When you issue the clusterSet.forcePrimaryCluster() command, MySQL Shell checks that the target replica cluster complies with the requirements to take over as the primary cluster, and returns an error if it does not.
If the target replica cluster meets the requirements, MySQL Shell carries out the following tasks:
- Attempts to contact the current primary cluster, and stops the failover if it actually can be reached.
- Checks for any unreachable or unavailable replica clusters that have not been specified using invalidateReplicaClusters, and stops the failover if any are found.
- Marks all replica clusters listed in invalidateReplicaClusters as invalidated, and marks the old primary cluster as invalidated.
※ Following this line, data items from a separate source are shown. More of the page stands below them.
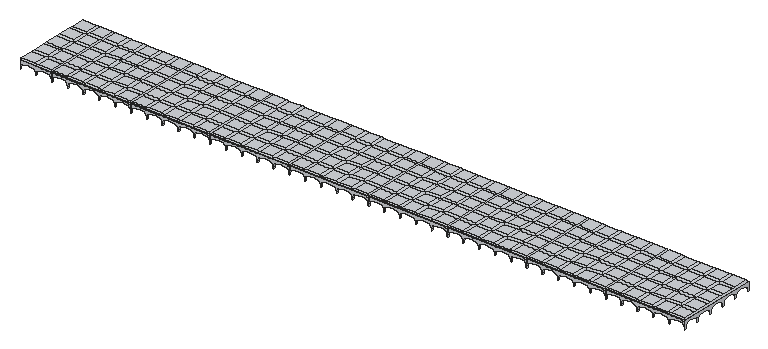
Revit family "LineaSingola_Assieme Modulblock H6", category Modelli generici, Revit 2016
Family settings
  Tipo di parte = Normale
  Può ospitare armatura = No
  Quota connettore circolare = Usa diametro
  Basato su piano di lavoro = No
  Sempre verticale = Sì
  Taglio con vuoti quando caricato = No
  Condiviso = Sì
  Punto di calcolo locali = No
Parameters (values of type "MODULO H6")
  Visibilità_taglio_oriz [instance] = if(Da_tagliare_larghezza = L_modulo, 1 > 2, 1 < 2)  # yes
  Scritta_MODULO [instance] = yes
  Prof_solo_moduli [instance] = 4000 mm
  N_moduli_Larghezza [instance] = rounddown(Larghezza_Area / L_modulo)  # 8
  Mezzo_modulo [instance] = L_modulo / 2  # 250 mm
  Mezza_larghezza [instance] = Larghezza_Area / 2  # 2100 mm
  Larghezza_Area [instance] = 4200 mm
  L_solo_moduli [instance] = L_modulo * N_moduli_Larghezza  # 4000 mm
  L_modulo = 500 mm  # constant formula
  Da_tagliare_larghezza [instance] = L_modulo - (Larghezza_Area - L_solo_moduli)  # 300 mm
Reference planes
  plane 1 "Centro (Fronte/Retro)": y = 0
  plane 2: z = 0
  plane 3 "Centro (Sinistra/Destra)": x = 0
  plane 4: y = -1900
  plane 5: x = -1900
  plane 6: y = 250
  plane 7: x = 2100
  plane 8: x = 1850
  plane 9: x = 1600
  plane 10: x = 1350
  plane 11: x = -2100
  plane 12: y = -250
Dimensions and locks
  "L_solo_moduli": plane 5 to plane 7
  "Mezzo_modulo": plane 8 to plane 7
  "L_modulo": plane 9 to plane 7
  "L_modulo": plane 10 to plane 8
  "Mezza_larghezza": plane 3 "Centro (Sinistra/Destra)" to plane 7
  "Larghezza_Area": plane 11 to plane 7
  equal spacing: plane 6, plane 1 "Centro (Fronte/Retro)", plane 12
  "L_modulo": plane 6 to plane 12
  equal spacing: group 10, group 9, group 8, group 7, group 6, group 5, group 4, group 3
  equal spacing: group 3, group 4, group 5, group 6, group 7, group 8, group 9, group 10  (x2)
  aligned and locked: level to plane 2
  aligned and locked: nested 1 to plane 8
  aligned and locked: plane 1 "Centro (Fronte/Retro)" to nested 1
  aligned and locked: plane 1 "Centro (Fronte/Retro)" to nested 4
  aligned and locked: nested 4 to plane 10
  aligned and locked: nested 11 to plane 1 "Centro (Fronte/Retro)"
  aligned and locked: plane 5 to nested 11
Nested families
  nested 1: "Minimodulo_H6" at (1850, 0, 0), Scritta_MODULO <- "Scritta_MODULO", type "Minimodulo_H3"
    with Ultimo_modulo_profondita no, Ultimo_modulo_larghezza no, Taglio_profondita 0 mm, Taglio_larghezza 0 mm, Scritta_MODULO yes, Scanso_prof_4 0 mm, Scanso_prof_3 0 mm, Scanso_prof_2 0 mm, Scanso_prof_1 0 mm, Scanso_largh_4 0 mm, Scanso_largh_3 0 mm, Scanso_largh_2 0 mm, Scanso_largh_1 0 mm, L_simbolo_profondita 500 mm, L_simbolo_larghezza 500 mm, Finale no, Da_tagliare_profondita 150 mm, Da_tagliare_larghezza 260 mm, Classico yes
  nested 2: "Minimodulo_H6" at (-1750, -1750, 0), type "Minimodulo_H3", not visible
    with Ultimo_modulo_profondita no, Ultimo_modulo_larghezza no, Taglio_profondita 0 mm, Taglio_larghezza 0 mm, Scritta_MODULO no, Scanso_prof_4 0 mm, Scanso_prof_3 0 mm, Scanso_prof_2 0 mm, Scanso_prof_1 0 mm, Scanso_largh_4 0 mm, Scanso_largh_3 0 mm, Scanso_largh_2 0 mm, Scanso_largh_1 0 mm, L_simbolo_profondita 500 mm, L_simbolo_larghezza 500 mm, Finale yes, Da_tagliare_profondita 150 mm, Da_tagliare_larghezza 260 mm, Classico no
  nested 3: "Minimodulo_H6" at (1850, 1850, 0), type "Minimodulo_H3", not visible
    with Ultimo_modulo_profondita no, Ultimo_modulo_larghezza no, Taglio_profondita 0 mm, Taglio_larghezza 0 mm, Scritta_MODULO no, Scanso_prof_4 0 mm, Scanso_prof_3 0 mm, Scanso_prof_2 0 mm, Scanso_prof_1 0 mm, Scanso_largh_4 0 mm, Scanso_largh_3 0 mm, Scanso_largh_2 0 mm, Scanso_largh_1 0 mm, L_simbolo_profondita 500 mm, L_simbolo_larghezza 500 mm, Finale yes, Da_tagliare_profondita 150 mm, Da_tagliare_larghezza 260 mm, Classico no
  nested 4: "Minimodulo_H6" at (1350, 0, 0), Scritta_MODULO <- "Scritta_MODULO", type "Minimodulo_H3"
    with Ultimo_modulo_profondita no, Ultimo_modulo_larghezza no, Taglio_profondita 0 mm, Taglio_larghezza 0 mm, Scritta_MODULO yes, Scanso_prof_4 0 mm, Scanso_prof_3 0 mm, Scanso_prof_2 0 mm, Scanso_prof_1 0 mm, Scanso_largh_4 0 mm, Scanso_largh_3 0 mm, Scanso_largh_2 0 mm, Scanso_largh_1 0 mm, L_simbolo_profondita 500 mm, L_simbolo_larghezza 500 mm, Finale no, Da_tagliare_profondita 150 mm, Da_tagliare_larghezza 260 mm, Classico yes
  nested 5: "Minimodulo_H6" at (850, 0, 0), Scritta_MODULO <- "Scritta_MODULO", type "Minimodulo_H3"
    with Ultimo_modulo_profondita no, Ultimo_modulo_larghezza no, Taglio_profondita 0 mm, Taglio_larghezza 0 mm, Scritta_MODULO yes, Scanso_prof_4 0 mm, Scanso_prof_3 0 mm, Scanso_prof_2 0 mm, Scanso_prof_1 0 mm, Scanso_largh_4 0 mm, Scanso_largh_3 0 mm, Scanso_largh_2 0 mm, Scanso_largh_1 0 mm, L_simbolo_profondita 500 mm, L_simbolo_larghezza 500 mm, Finale no, Da_tagliare_profondita 150 mm, Da_tagliare_larghezza 260 mm, Classico yes
  nested 6: "Minimodulo_H6" at (350, 0, 0), Scritta_MODULO <- "Scritta_MODULO", type "Minimodulo_H3"
    with Ultimo_modulo_profondita no, Ultimo_modulo_larghezza no, Taglio_profondita 0 mm, Taglio_larghezza 0 mm, Scritta_MODULO yes, Scanso_prof_4 0 mm, Scanso_prof_3 0 mm, Scanso_prof_2 0 mm, Scanso_prof_1 0 mm, Scanso_largh_4 0 mm, Scanso_largh_3 0 mm, Scanso_largh_2 0 mm, Scanso_largh_1 0 mm, L_simbolo_profondita 500 mm, L_simbolo_larghezza 500 mm, Finale no, Da_tagliare_profondita 150 mm, Da_tagliare_larghezza 260 mm, Classico yes
  nested 7: "Minimodulo_H6" at (-150, 0, 0), Scritta_MODULO <- "Scritta_MODULO", type "Minimodulo_H3"
    with Ultimo_modulo_profondita no, Ultimo_modulo_larghezza no, Taglio_profondita 0 mm, Taglio_larghezza 0 mm, Scritta_MODULO yes, Scanso_prof_4 0 mm, Scanso_prof_3 0 mm, Scanso_prof_2 0 mm, Scanso_prof_1 0 mm, Scanso_largh_4 0 mm, Scanso_largh_3 0 mm, Scanso_largh_2 0 mm, Scanso_largh_1 0 mm, L_simbolo_profondita 500 mm, L_simbolo_larghezza 500 mm, Finale no, Da_tagliare_profondita 150 mm, Da_tagliare_larghezza 260 mm, Classico yes
  nested 8: "Minimodulo_H6" at (-650, 0, 0), Scritta_MODULO <- "Scritta_MODULO", type "Minimodulo_H3"
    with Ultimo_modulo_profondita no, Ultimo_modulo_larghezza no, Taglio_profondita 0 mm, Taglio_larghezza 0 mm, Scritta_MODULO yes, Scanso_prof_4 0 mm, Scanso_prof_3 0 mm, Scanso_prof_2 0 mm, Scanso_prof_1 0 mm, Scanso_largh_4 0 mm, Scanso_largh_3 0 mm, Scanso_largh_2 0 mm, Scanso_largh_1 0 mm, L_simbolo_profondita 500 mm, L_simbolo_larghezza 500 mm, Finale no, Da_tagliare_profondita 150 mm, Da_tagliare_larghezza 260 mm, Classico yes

- Checks that the target replica cluster has the most up to date GTID set among the available replica clusters. This involves stopping the ClusterSet replication channel in all of the replica clusters.
- Updates the ClusterSet replication channel on all replica clusters to replicate from the target cluster as the new primary cluster.
- Sets the target cluster as the primary cluster in the ClusterSet metadata, and changes the old primary cluster into a replica cluster, although it is not currently functioning as a replica cluster because it is marked as invalidated.
During an emergency failover, MySQL Shell does not attempt to synchronize the target replica cluster with the current primary cluster, and does not lock the current primary cluster. If the original primary cluster remains online, it should be shut down as soon as it can be contacted.
If you have any MySQL Router instances to switch over to targeting the new primary cluster, do that now. You can change them to follow the primary ("target_cluster": "primary"), or specify the replica cluster that has taken over as the primary ("target_cluster": "name_of_new_primary_cluster"). For example:
```
mysql-js> myclusterset.setRoutingOption('Rome1', 'target_cluster', 'primary')
or
mysql-js> myclusterset.setRoutingOption('Rome1', 'target_cluster', 'clustertwo')
Routing option 'target_cluster' successfully updated in router 'Rome1'.
```
Issue a clusterSet.routingOptions() command to check that all the MySQL Router instances are now routing correctly.
Issue a clusterSet.status() command again using the extended option, to verify the status of the InnoDB ClusterSet deployment.
If and when you are able to contact the old primary cluster again, first ensure that no application traffic is being routed to it, and take it offline. Then follow the process in Section 8.9, “InnoDB ClusterSet Repair and Rejoin” to check the transactions and decide how to arrange the InnoDB ClusterSet topology going forward.
Following an emergency failover, and there is a risk of the transaction sets differing between parts of the ClusterSet, you have to fence the cluster either from write traffic or all traffic. For more details, see Fencing Clusters in an InnoDB ClusterSet.
If you had to invalidate any replica clusters during the switchover process, if and when you are able to contact them again, you can use the process in Section 8.9, “InnoDB ClusterSet Repair and Rejoin” to repair them and add them back into the InnoDB ClusterSet.